In the entries that follow, find every line containing "second" and copy it.

**Stored dataset items**
___

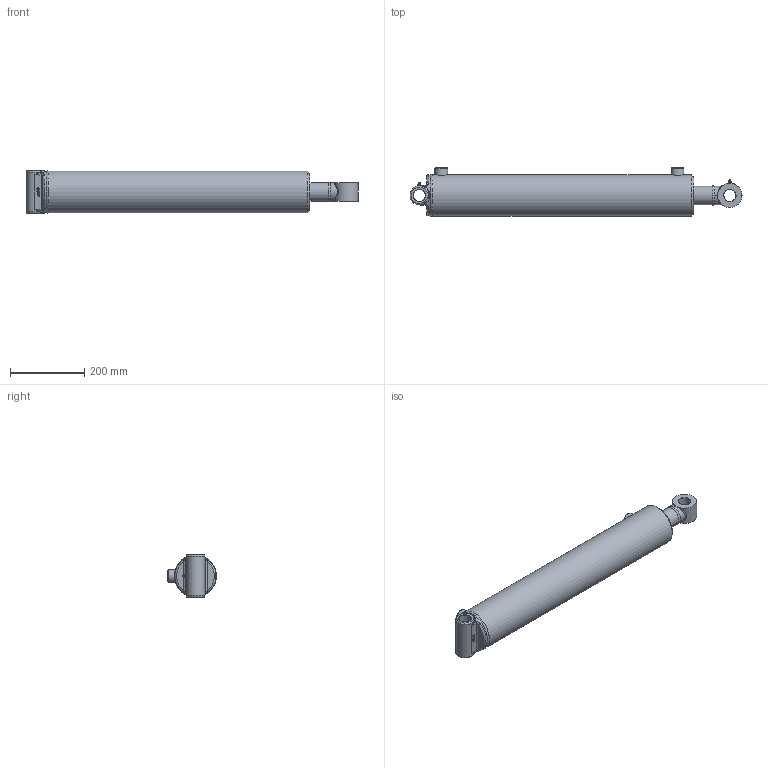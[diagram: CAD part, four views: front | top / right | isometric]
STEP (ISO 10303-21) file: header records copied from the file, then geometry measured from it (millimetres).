
FILE_DESCRIPTION(/* description */ ('Ø4.00 X 24.00 DA'),/* implementation_level */ '2;1');
FILE_NAME(/* name */ 'D:\Temp\1EC677A6E30A904\usxywvfn.13b\Temp\1apwdcc0..stp',/* time_stamp */ '2020-09-18T15:55:57+00:00',/* author */ (''),/* organization */ ('PRINCE MANUFACTURING'),/* preprocessor_version */ 'ST-DEVELOPER v18.1',/* originating_system */ 'Autodesk Inventor 2021',/* authorisation */ '');
FILE_SCHEMA (('AUTOMOTIVE_DESIGN { 1 0 10303 214 3 1 1 }'));
Length unit declared in the file: inch
Products named in the file (21): PC4024020A00-330XTXS; 0619-XTSG00-240; 0519-T-27620; 161900225; 200015706; 06Weld1_C360; 0719-P-125; 220000212; 0819-G-200; 230025106; 230025006; 240000026; 240061342; 240000342; 0211-AXS40-330X; 0111A-JAW4-29937; 210600511; 02Weld_C360; 240020009; 250014200; 270010020
Assembly tree (22 placements, depth 3):
  PC4024020A00-330XTXS
    0619-XTSG00-240
      0519-T-27620
      161900225
      200015706  x2
      06Weld1_C360
    0719-P-125
    220000212
    0819-G-200
    230025106
    230025006
    240000026
    240061342
    240000342
    0211-AXS40-330X
      0111A-JAW4-29937
      210600511
      02Weld_C360
    240020009
    250014200
    270010020  x2
Bounding box: 896.27 x 132.19 x 114.3 mm (x, y, z)
Volume: 3731954.8 mm3; surface area: 823343.9 mm2
Topology: 26 solids, 26 shells, 499 faces, 1415 edges, 978 vertices
Faces by surface type: plane 139, bspline 126, torus 90, cylinder 80, cone 62, sphere 2
Full cylindrical faces by diameter (mm): 1.524 x2, 5.359 x2, 6.35 x2, 12.7 x2, 20.269 x2, 29.464 x1, 31.699 x1, 31.826 x1, 32.131 x2, 34.315 x1, 34.925 x2, 35.052 x2, 50.8 x1, 50.876 x2, 51.994 x2, 52.832 x1, 53.188 x1, 57.963 x1, 59.157 x1, 60.35 x1, 61.976 x2, 63.5 x2, 73.152 x1, 82.55 x1, 92.177 x2, 92.913 x2, 96.52 x1, 98.031 x2, 98.273 x4, 100.986 x2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
Entity records: 32916 total; most frequent: CARTESIAN_POINT 19556, ORIENTED_EDGE 2656, DIRECTION 2459, EDGE_CURVE 1328, AXIS2_PLACEMENT_3D 1059, VERTEX_POINT 925, CIRCLE 657, EDGE_LOOP 539
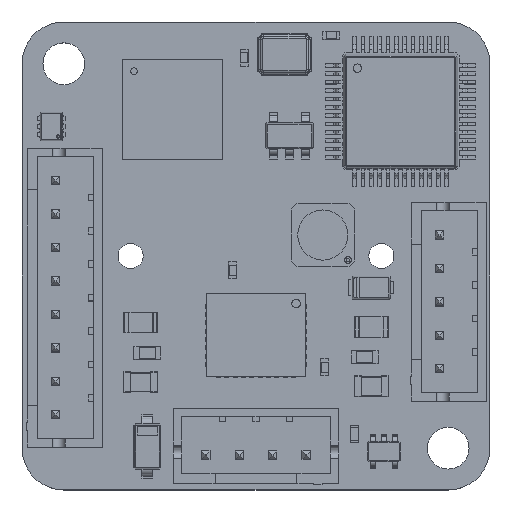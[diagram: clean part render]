
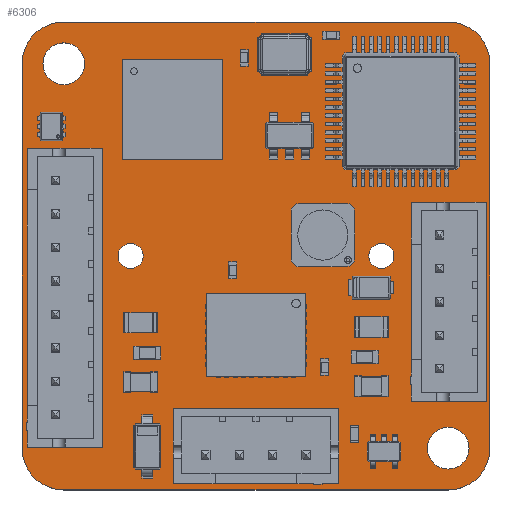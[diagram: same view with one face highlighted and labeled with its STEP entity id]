
A CAD part, top view. The second image highlights one B-rep face of the part: STEP entity #6306.
In plain terms, the highlighted planar face has unit normal (0, 0, 1).
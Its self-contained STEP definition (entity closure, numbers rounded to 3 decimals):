
#6306=ADVANCED_FACE('',(#14667,#14668,#14669,#14670,#14671),#14672,.T.);
#14667=FACE_BOUND('',#25908,.T.);
#14668=FACE_BOUND('',#25909,.T.);
#14669=FACE_BOUND('',#25910,.T.);
#14670=FACE_BOUND('',#25911,.T.);
#14671=FACE_OUTER_BOUND('',#25912,.T.);
#14672=PLANE('',#25913);
#25908=EDGE_LOOP('',(#38848));
#25909=EDGE_LOOP('',(#38849));
#25910=EDGE_LOOP('',(#38850));
#25911=EDGE_LOOP('',(#38851));
#25912=EDGE_LOOP('',(#38852,#38853,#38854,#38855,#38856,#38857,#38858,#38859));
#25913=AXIS2_PLACEMENT_3D('',#38860,#38861,#38862);
#38848=ORIENTED_EDGE('',*,*,#69892,.T.);
#38849=ORIENTED_EDGE('',*,*,#69895,.T.);
#38850=ORIENTED_EDGE('',*,*,#69898,.T.);
#38851=ORIENTED_EDGE('',*,*,#69901,.T.);
#38852=ORIENTED_EDGE('',*,*,#69904,.T.);
#38853=ORIENTED_EDGE('',*,*,#69905,.T.);
#38854=ORIENTED_EDGE('',*,*,#69906,.T.);
#38855=ORIENTED_EDGE('',*,*,#69907,.T.);
#38856=ORIENTED_EDGE('',*,*,#69908,.T.);
#38857=ORIENTED_EDGE('',*,*,#69909,.T.);
#38858=ORIENTED_EDGE('',*,*,#69910,.T.);
#38859=ORIENTED_EDGE('',*,*,#69911,.T.);
#38860=CARTESIAN_POINT('',(14.0,14.0,1.47));
#38861=DIRECTION('',(0.,0.,1.0));
#38862=DIRECTION('',(1.0,0.0,0.));
#69892=EDGE_CURVE('',#82166,#82166,#82167,.T.);
#69895=EDGE_CURVE('',#82171,#82171,#82172,.T.);
#69898=EDGE_CURVE('',#82176,#82176,#82177,.T.);
#69901=EDGE_CURVE('',#82181,#82181,#82182,.T.);
#69904=EDGE_CURVE('',#82186,#82187,#82188,.T.);
#69905=EDGE_CURVE('',#82187,#82189,#82190,.T.);
#69906=EDGE_CURVE('',#82189,#82191,#82192,.T.);
#69907=EDGE_CURVE('',#82191,#82193,#82194,.T.);
#69908=EDGE_CURVE('',#82193,#82195,#82196,.T.);
#69909=EDGE_CURVE('',#82195,#82197,#82198,.T.);
#69910=EDGE_CURVE('',#82197,#82199,#82200,.T.);
#69911=EDGE_CURVE('',#82199,#82186,#82201,.T.);
#82166=VERTEX_POINT('',#100069);
#82167=CIRCLE('',#100070,1.25);
#82171=VERTEX_POINT('',#100074);
#82172=CIRCLE('',#100075,1.25);
#82176=VERTEX_POINT('',#100079);
#82177=CIRCLE('',#100080,0.75);
#82181=VERTEX_POINT('',#100084);
#82182=CIRCLE('',#100085,0.75);
#82186=VERTEX_POINT('',#100089);
#82187=VERTEX_POINT('',#100090);
#82188=CIRCLE('',#100091,2.5);
#82189=VERTEX_POINT('',#100092);
#82190=LINE('',#100093,#100094);
#82191=VERTEX_POINT('',#100095);
#82192=CIRCLE('',#100096,2.5);
#82193=VERTEX_POINT('',#100097);
#82194=LINE('',#100098,#100099);
#82195=VERTEX_POINT('',#100100);
#82196=CIRCLE('',#100101,2.5);
#82197=VERTEX_POINT('',#100102);
#82198=LINE('',#100103,#100104);
#82199=VERTEX_POINT('',#100105);
#82200=CIRCLE('',#100106,2.5);
#82201=LINE('',#100107,#100108);
#100069=CARTESIAN_POINT('',(1.25,25.5,1.47));
#100070=AXIS2_PLACEMENT_3D('',#126069,#126070,#126071);
#100074=CARTESIAN_POINT('',(24.25,2.5,1.47));
#100075=AXIS2_PLACEMENT_3D('',#126075,#126076,#126077);
#100079=CARTESIAN_POINT('',(5.75,14.0,1.47));
#100080=AXIS2_PLACEMENT_3D('',#126081,#126082,#126083);
#100084=CARTESIAN_POINT('',(20.75,14.0,1.47));
#100085=AXIS2_PLACEMENT_3D('',#126087,#126088,#126089);
#100089=CARTESIAN_POINT('',(0.,2.5,1.47));
#100090=CARTESIAN_POINT('',(2.5,0.,1.47));
#100091=AXIS2_PLACEMENT_3D('',#126093,#126094,#126095);
#100092=CARTESIAN_POINT('',(25.5,0.,1.47));
#100093=CARTESIAN_POINT('',(14.0,0.,1.47));
#100094=VECTOR('',#126096,1.0);
#100095=CARTESIAN_POINT('',(28.0,2.5,1.47));
#100096=AXIS2_PLACEMENT_3D('',#126097,#126098,#126099);
#100097=CARTESIAN_POINT('',(28.0,25.5,1.47));
#100098=CARTESIAN_POINT('',(28.0,14.0,1.47));
#100099=VECTOR('',#126100,1.0);
#100100=CARTESIAN_POINT('',(25.5,28.0,1.47));
#100101=AXIS2_PLACEMENT_3D('',#126101,#126102,#126103);
#100102=CARTESIAN_POINT('',(2.5,28.0,1.47));
#100103=CARTESIAN_POINT('',(14.0,28.0,1.47));
#100104=VECTOR('',#126104,1.0);
#100105=CARTESIAN_POINT('',(0.,25.5,1.47));
#100106=AXIS2_PLACEMENT_3D('',#126105,#126106,#126107);
#100107=CARTESIAN_POINT('',(0.,14.0,1.47));
#100108=VECTOR('',#126108,1.0);
#126069=CARTESIAN_POINT('',(2.5,25.5,1.47));
#126070=DIRECTION('',(0.,0.,-1.0));
#126071=DIRECTION('',(-1.0,0.,0.));
#126075=CARTESIAN_POINT('',(25.5,2.5,1.47));
#126076=DIRECTION('',(0.,0.,-1.0));
#126077=DIRECTION('',(-1.0,0.,0.));
#126081=CARTESIAN_POINT('',(6.5,14.0,1.47));
#126082=DIRECTION('',(0.,0.,-1.0));
#126083=DIRECTION('',(-1.0,0.,0.));
#126087=CARTESIAN_POINT('',(21.5,14.0,1.47));
#126088=DIRECTION('',(0.,0.,-1.0));
#126089=DIRECTION('',(-1.0,0.,0.));
#126093=CARTESIAN_POINT('',(2.5,2.5,1.47));
#126094=DIRECTION('',(0.0,0.0,1.0));
#126095=DIRECTION('',(-1.0,0.0,0.0));
#126096=DIRECTION('',(1.0,0.0,0.0));
#126097=CARTESIAN_POINT('',(25.5,2.5,1.47));
#126098=DIRECTION('',(0.0,0.0,1.0));
#126099=DIRECTION('',(0.0,-1.0,0.0));
#126100=DIRECTION('',(0.0,1.0,0.0));
#126101=CARTESIAN_POINT('',(25.5,25.5,1.47));
#126102=DIRECTION('',(0.0,0.0,1.0));
#126103=DIRECTION('',(1.0,0.0,0.0));
#126104=DIRECTION('',(-1.0,0.0,0.0));
#126105=CARTESIAN_POINT('',(2.5,25.5,1.47));
#126106=DIRECTION('',(0.0,-0.0,1.0));
#126107=DIRECTION('',(0.0,1.0,0.0));
#126108=DIRECTION('',(0.0,-1.0,0.0));
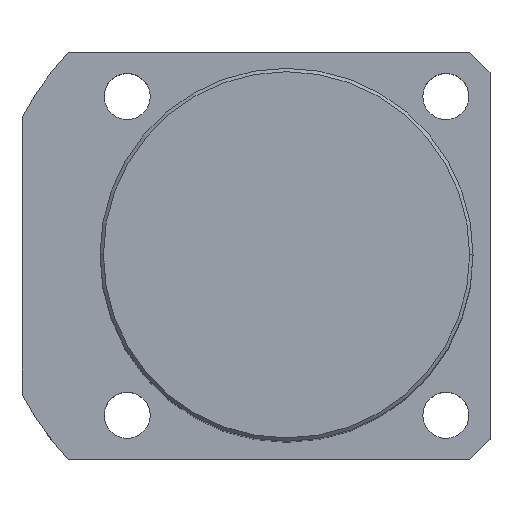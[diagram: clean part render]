
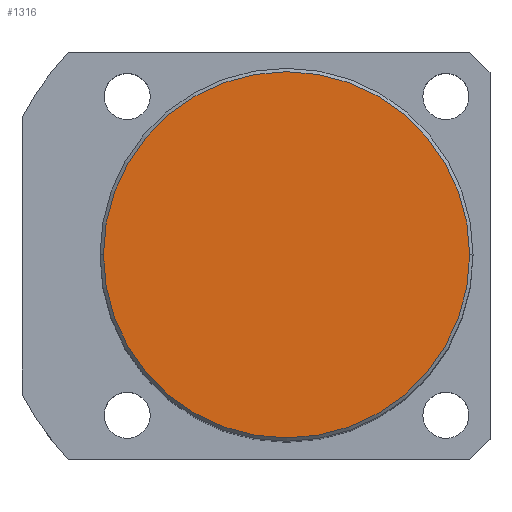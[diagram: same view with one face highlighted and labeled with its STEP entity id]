
A CAD part, top view. The second image highlights one B-rep face of the part: STEP entity #1316.
In plain terms, the highlighted planar face has unit normal (0, 0, 1).
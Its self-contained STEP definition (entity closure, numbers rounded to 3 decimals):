
#22 = AXIS2_PLACEMENT_3D ( 'NONE', #509, #800, #1776 ) ;
#39 = AXIS2_PLACEMENT_3D ( 'NONE', #377, #816, #1092 ) ;
#117 = CARTESIAN_POINT ( 'NONE',  ( 27., 0., 100. ) ) ;
#218 = FACE_OUTER_BOUND ( 'NONE', #1195, .T. ) ;
#236 = ORIENTED_EDGE ( 'NONE', *, *, #848, .T. ) ;
#377 = CARTESIAN_POINT ( 'NONE',  ( 0., 0., 100. ) ) ;
#509 = CARTESIAN_POINT ( 'NONE',  ( 0., 0., 100. ) ) ;
#534 = EDGE_CURVE ( 'NONE', #1512, #757, #1436, .T. ) ;
#573 = AXIS2_PLACEMENT_3D ( 'NONE', #892, #1027, #876 ) ;
#757 = VERTEX_POINT ( 'NONE', #1401 ) ;
#800 = DIRECTION ( 'NONE',  ( 0., 0., 1. ) ) ;
#816 = DIRECTION ( 'NONE',  ( 0., 0., 1. ) ) ;
#848 = EDGE_CURVE ( 'NONE', #757, #1512, #1664, .T. ) ;
#876 = DIRECTION ( 'NONE',  ( 1., 0., 0. ) ) ;
#892 = CARTESIAN_POINT ( 'NONE',  ( 0., 0., 100. ) ) ;
#920 = PLANE ( 'NONE',  #22 ) ;
#1009 = ORIENTED_EDGE ( 'NONE', *, *, #534, .T. ) ;
#1027 = DIRECTION ( 'NONE',  ( 0., 0., 1. ) ) ;
#1092 = DIRECTION ( 'NONE',  ( 1., 0., 0. ) ) ;
#1195 = EDGE_LOOP ( 'NONE', ( #236, #1009 ) ) ;
#1316 = ADVANCED_FACE ( 'NONE', ( #218 ), #920, .T. ) ;
#1401 = CARTESIAN_POINT ( 'NONE',  ( -27., 0., 100. ) ) ;
#1436 = CIRCLE ( 'NONE', #39, 27. ) ;
#1512 = VERTEX_POINT ( 'NONE', #117 ) ;
#1664 = CIRCLE ( 'NONE', #573, 27. ) ;
#1776 = DIRECTION ( 'NONE',  ( 1., 0., 0. ) ) ;

___

**EXPECTED OUTPUT**
A CAD part, top view. The second image highlights one B-rep face of the part: STEP entity #6306.
A CAD part, top view. The second image highlights one B-rep face of the part: STEP entity #1316.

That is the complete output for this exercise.